Density functional theory (DFT) simulation calculation was carried out to investigate electronic properties and atomic charge distribution of LiClO₄ and LiClO₄-PPy interaction at the interface of Ti substrate [38]. The total density of states (DOS), Mulliken charge population, interfacial binding energy, highest occupied molecular orbital (HOMO), lowest unoccupied molecular orbital (LUMO), and electrostatic potential were determined and discussed for better understanding of the electrostatic interfacial interaction of LiClO₄-PPy/Ti and LiClO₄/Ti. The DMol3 package was applied to calculate HOMO-LUMO energy gaps, and the CASTEP package was applied to calculate electronic energy gap and charge density difference and DOS value.

4. Conclusions

The PPy/Ti has been prepared through an electro-polymerization deposition process which is applied as supercapacitor electrode for electrochemical energy storage.
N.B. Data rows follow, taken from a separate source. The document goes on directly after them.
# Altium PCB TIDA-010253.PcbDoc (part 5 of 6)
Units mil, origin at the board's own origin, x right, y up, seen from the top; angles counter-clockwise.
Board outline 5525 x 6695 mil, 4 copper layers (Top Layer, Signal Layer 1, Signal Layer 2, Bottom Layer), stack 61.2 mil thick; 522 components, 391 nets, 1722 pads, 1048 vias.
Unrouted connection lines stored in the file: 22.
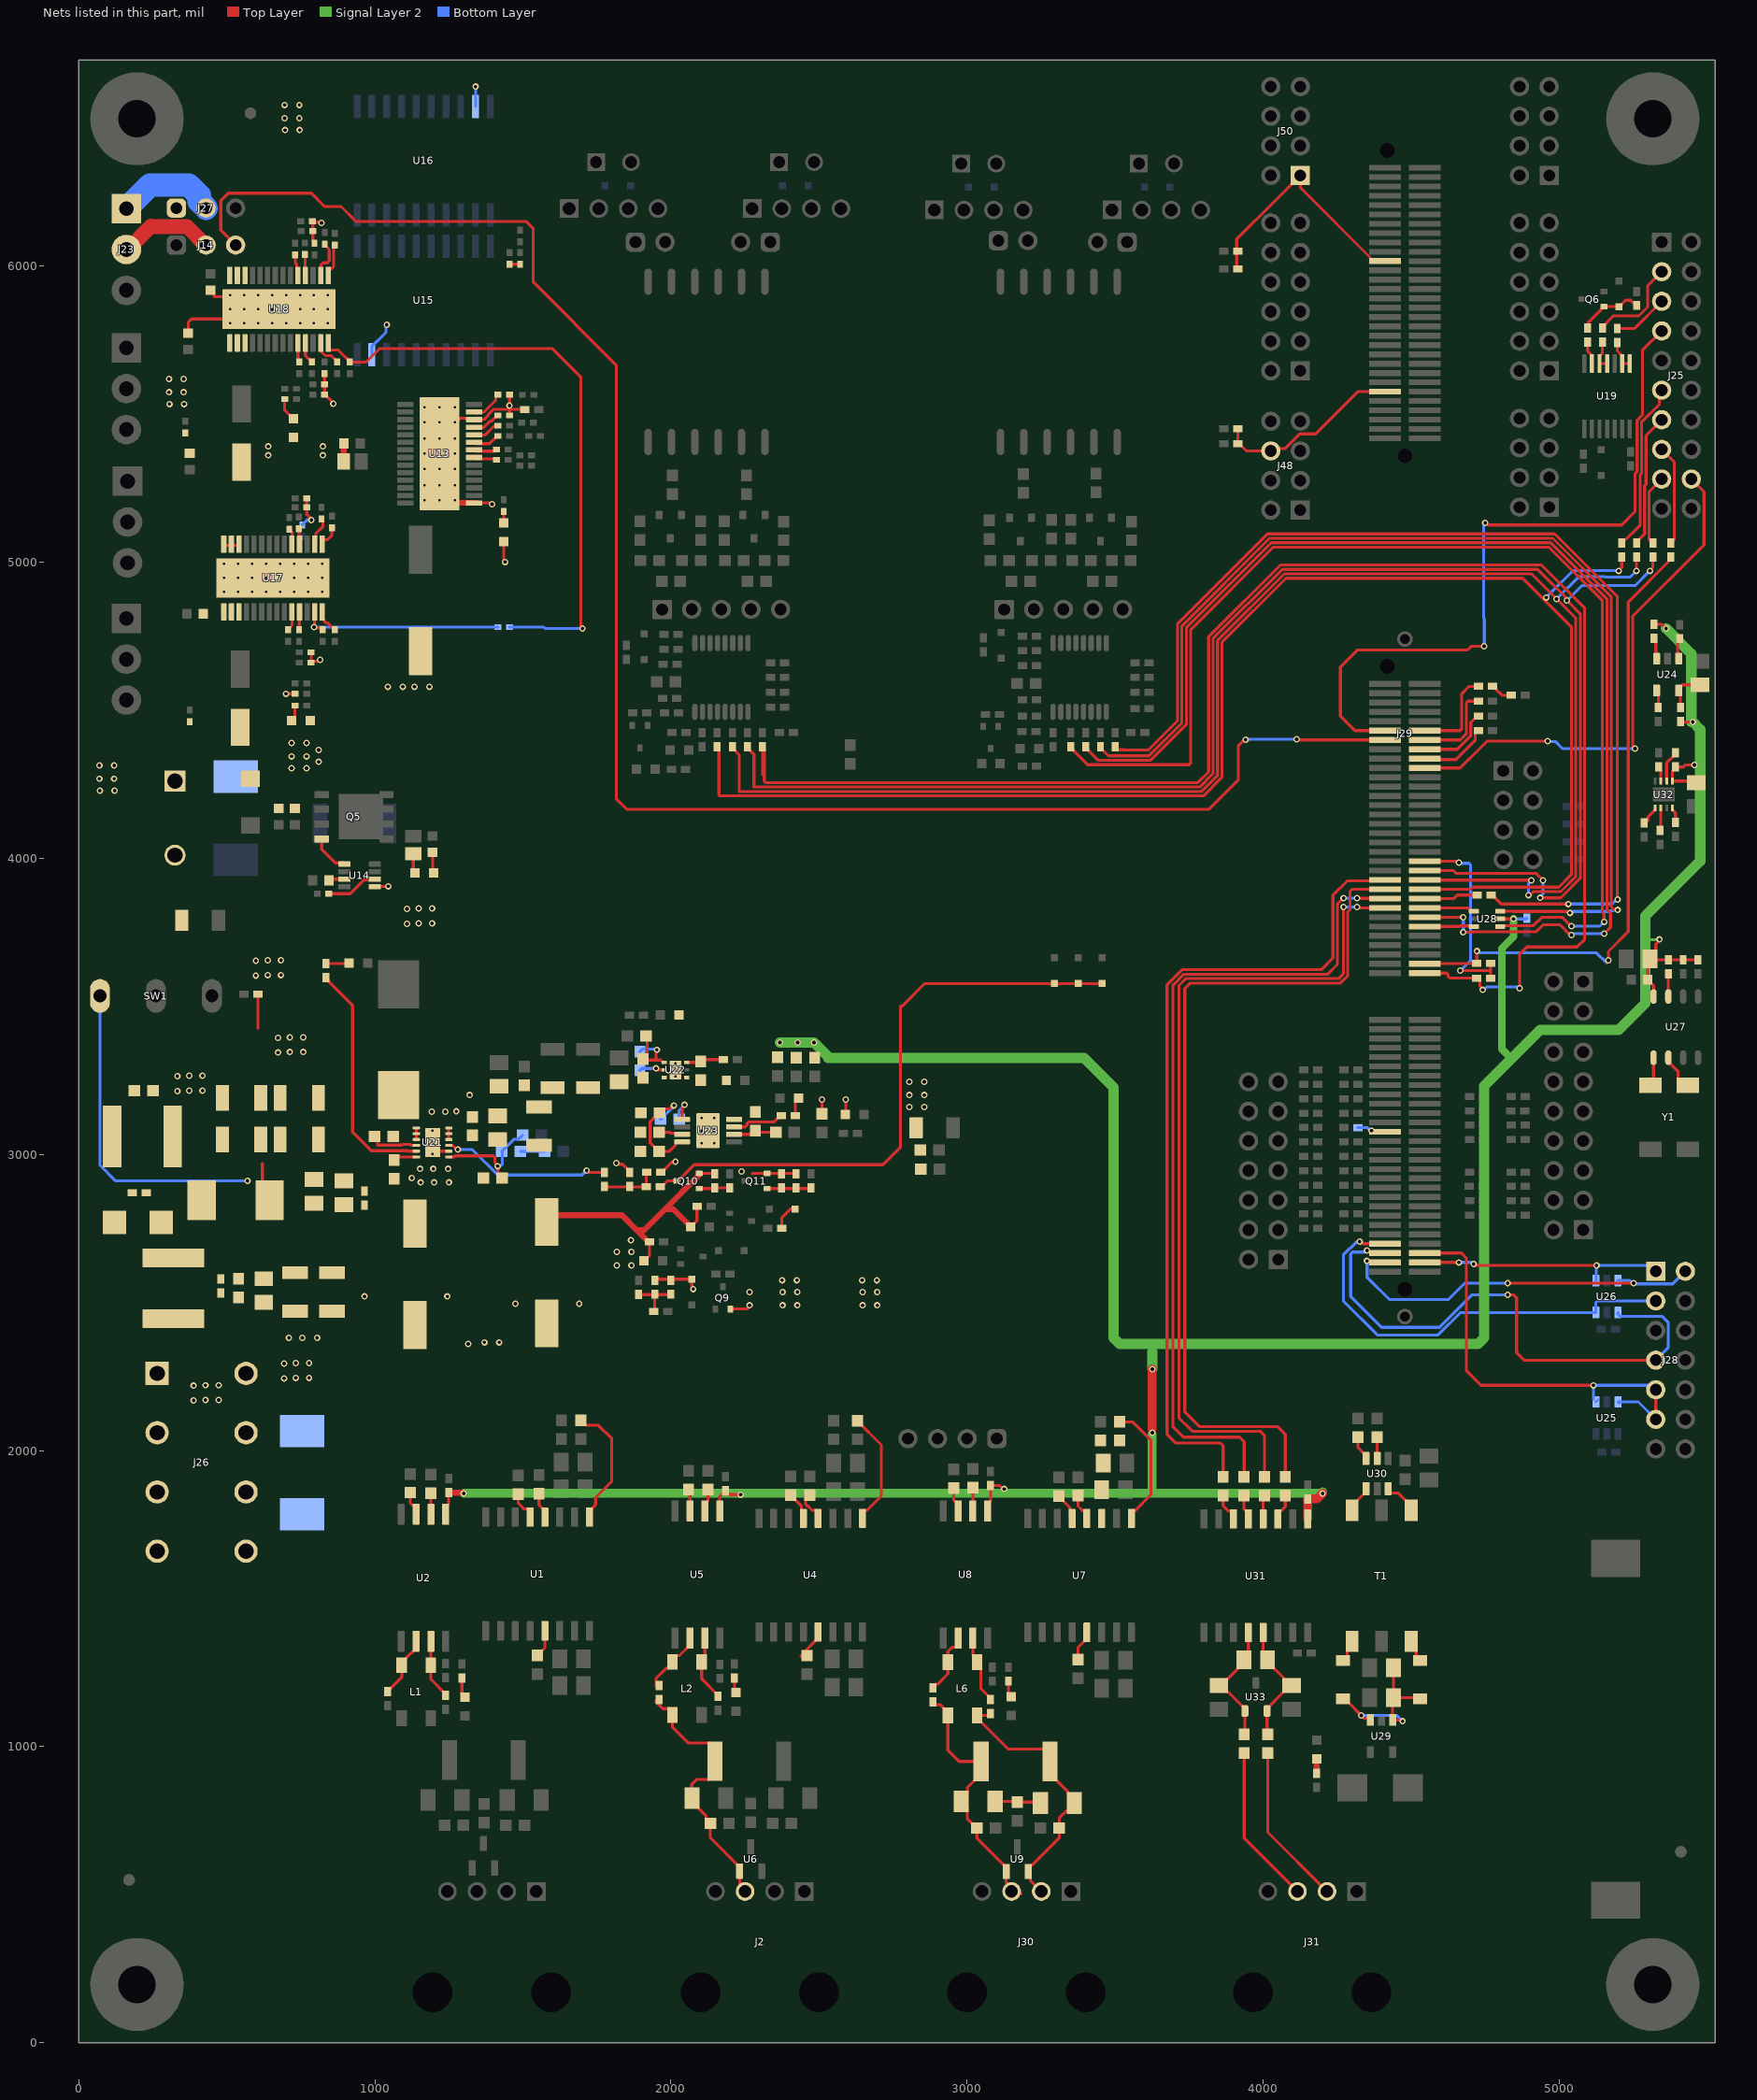
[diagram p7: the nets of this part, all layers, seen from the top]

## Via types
v1: diameter 22, hole 12, Top Layer to Bottom Layer, 944 vias
v2: diameter 19.68, hole 7.87, Top Layer to Bottom Layer, 76 vias
v3: diameter 19.68, hole 7.87, Top Layer to Bottom Layer, tented both sides, 16 vias
v4: diameter 22, hole 12, Top Layer to Bottom Layer, tented both sides, 12 vias

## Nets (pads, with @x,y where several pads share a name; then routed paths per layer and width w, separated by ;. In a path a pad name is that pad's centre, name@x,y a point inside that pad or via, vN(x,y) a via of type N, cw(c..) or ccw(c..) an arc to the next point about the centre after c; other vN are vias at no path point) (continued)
NetC14_2: C14.2 J2.3 L2.3 R24.1 R26.1 R27.1 U6.1 | length 890.7
  Top Layer w10: R27.1@1949.17,1155.87 1949.17,1151.93 1972.79,1128.31 1992.24,1128.31 2004.96,1115.59 L2.3@2004.96,1106.73 2004.96,1065.16 2057.32,1012.8 2127.44,1012.8 2148.03,992.2 R24.1@2148.03,950.87 2148.03,909.53 2127.44,888.94 2086.1,888.94 2069.99,872.83 2069.99,815.04 2117.99,767.05 2117.99,754.57 2131.69,740.87 C14.2@2132.67,740.87 2132.67,692.4 2231.77,593.31 U6.1@2231.77,579.53 J2.3@2231.77,524.1
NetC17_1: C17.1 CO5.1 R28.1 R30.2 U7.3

Theoretical and experimental investigations are adopted to disclose the conductivity and interfacial interaction-dependent capacitance of LiClO₄-PPy/Ti. LiClO₄/Ti reveals ideal electrical double-layer capacitance due to the reversible adsorption/desorption of LiClO₄ electrolyte on Ti substrate in the potential range of 0~0.8 V. LiClO₄-PPy/Ti reveals Faradaic capacitance due to reversible doping/dedoping perchlorate ion in PPy. LiClO₄-PPy/Ti reveals lower charge transfer resistance, lower ohmic resistance, and lower Warburg resistance to present more active interface, higher electronic conductivity, and more feasible ion diffusion properties than LiClO₄/Ti. LiClO₄/Ti and LiClO₄-PPy/Ti achieve the mean response current of 0.13~2.47 μA cm⁻² and 2.28~9.011 μA cm⁻² at 5~200 mV s⁻¹. The corresponding specific capacitances are 0.010~0.0095 mF cm⁻² and 0.123~0.0122 mF cm⁻² at 0.01~0.10 mA cm⁻². LiClO₄-PPy/Ti keeps much higher electrochemical conductivity and higher specific capacitance than LiClO₄/Ti. Theoretical calculation results prove that interfacial electrostatic adsorption of LiClO₄/Ti and ClO₄⁻ anion doping of LiClO₄-PPy/Ti could change atomic charge density distribution. LiClO₄-PPy/Ti exhibits higher electronic conductivity and lower interface energy than LiClO₄/Ti. LiClO₄-PPy/Ti can act as a superior supercapacitor electrode to exhibit electroactivity and capacitance for the promising energy storage application.